## ACTIVITY
If an entry holds a picture, leave that picture out. Give everything else again exactly.

BEGIN SUPPLIED ENTRIES

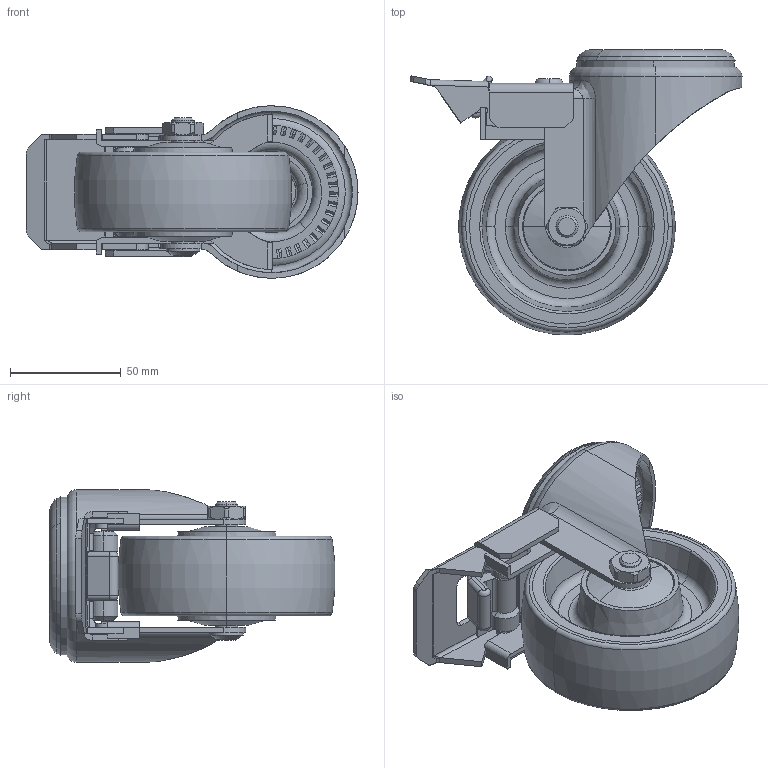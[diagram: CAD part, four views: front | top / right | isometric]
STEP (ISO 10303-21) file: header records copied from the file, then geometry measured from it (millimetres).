
FILE_DESCRIPTION (( 'STEP AP203' ), '1' );
FILE_NAME ('400530_STEP.STEP', '2011-08-29T07:23:49', ( '' ), ( '' ), 'SwSTEP 2.0', 'SolidWorks 2011', '' );
FILE_SCHEMA (( 'CONFIG_CONTROL_DESIGN' ));
Length unit declared in the file: millimetre
Products named in the file (1): 400530_STEP
Bounding box: 149.66 x 128.86 x 77.8 mm (x, y, z)
Surface area: 99301.6 mm2 (no closed solid volume)
Topology: 0 solids, 24 shells, 541 faces, 1825 edges, 1249 vertices
Faces by surface type: plane 262, cylinder 160, torus 63, cone 44, bspline 8, sphere 4
Entity records: 20982 total; most frequent: CARTESIAN_POINT 5211, DIRECTION 3357, ORIENTED_EDGE 3058, EDGE_CURVE 1823, VERTEX_POINT 1249, AXIS2_PLACEMENT_3D 1195, VECTOR 967, LINE 967
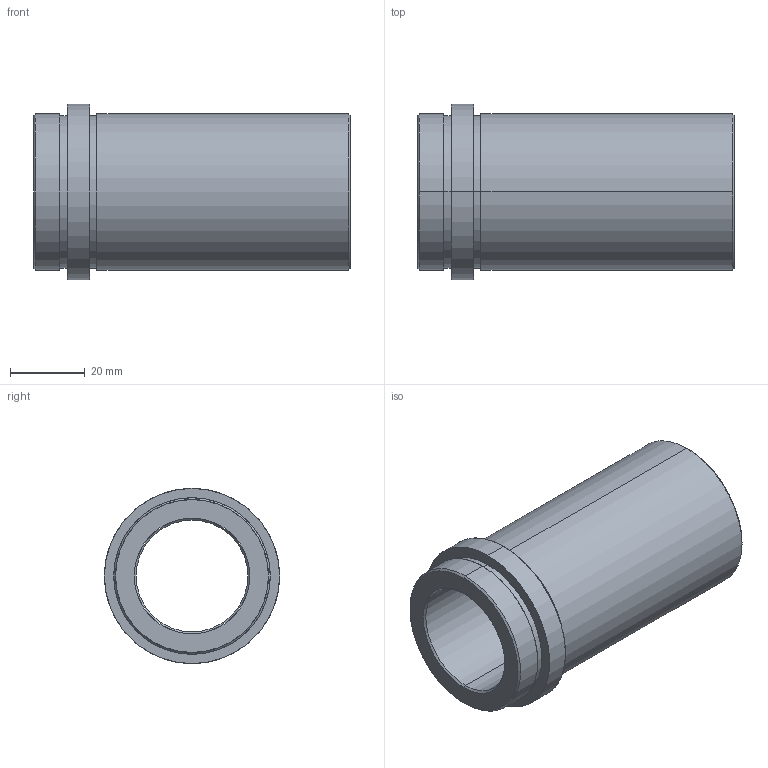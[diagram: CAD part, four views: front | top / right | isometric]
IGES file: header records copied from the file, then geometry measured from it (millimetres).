
Start section: SolidWorks IGES FILE using analytic representation for surfaces
Global section: file name: D:\zzzzz\Delta\D21\30\D21 - 30x76.IGS; native system: SolidWorks 2004 by SolidWorks Corporation; preprocessor: Version 5.3; author: Hkn; date: 080326.192954; units: millimetre
Bounding box: 85 x 47 x 47 mm (x, y, z)
Surface area: 21492.7 mm2 (no closed solid volume)
Topology: 0 solids, 0 shells, 26 faces, 848 edges, 848 vertices
Faces by surface type: revolution 20, bspline 6

END SUPPLIED ENTRIES

## REPLY
[diagram: CAD part, four views: front | top / right | isometric]
STEP (ISO 10303-21) file: header records copied from the file, then geometry measured from it (millimetres).
FILE_DESCRIPTION (( 'STEP AP203' ), '1' );
FILE_NAME ('400530_STEP.STEP', '2011-08-29T07:23:49', ( '' ), ( '' ), 'SwSTEP 2.0', 'SolidWorks 2011', '' );
FILE_SCHEMA (( 'CONFIG_CONTROL_DESIGN' ));
Length unit declared in the file: millimetre
Products named in the file (1): 400530_STEP
Bounding box: 149.66 x 128.86 x 77.8 mm (x, y, z)
Surface area: 99301.6 mm2 (no closed solid volume)
Topology: 0 solids, 24 shells, 541 faces, 1825 edges, 1249 vertices
Faces by surface type: plane 262, cylinder 160, torus 63, cone 44, bspline 8, sphere 4
Entity records: 20982 total; most frequent: CARTESIAN_POINT 5211, DIRECTION 3357, ORIENTED_EDGE 3058, EDGE_CURVE 1823, VERTEX_POINT 1249, AXIS2_PLACEMENT_3D 1195, VECTOR 967, LINE 967
[diagram: CAD part, four views: front | top / right | isometric]
IGES file: header records copied from the file, then geometry measured from it (millimetres).
Start section: SolidWorks IGES FILE using analytic representation for surfaces
Global section: file name: D:\zzzzz\Delta\D21\30\D21 - 30x76.IGS; native system: SolidWorks 2004 by SolidWorks Corporation; preprocessor: Version 5.3; author: Hkn; date: 080326.192954; units: millimetre
Bounding box: 85 x 47 x 47 mm (x, y, z)
Surface area: 21492.7 mm2 (no closed solid volume)
Topology: 0 solids, 0 shells, 26 faces, 848 edges, 848 vertices
Faces by surface type: revolution 20, bspline 6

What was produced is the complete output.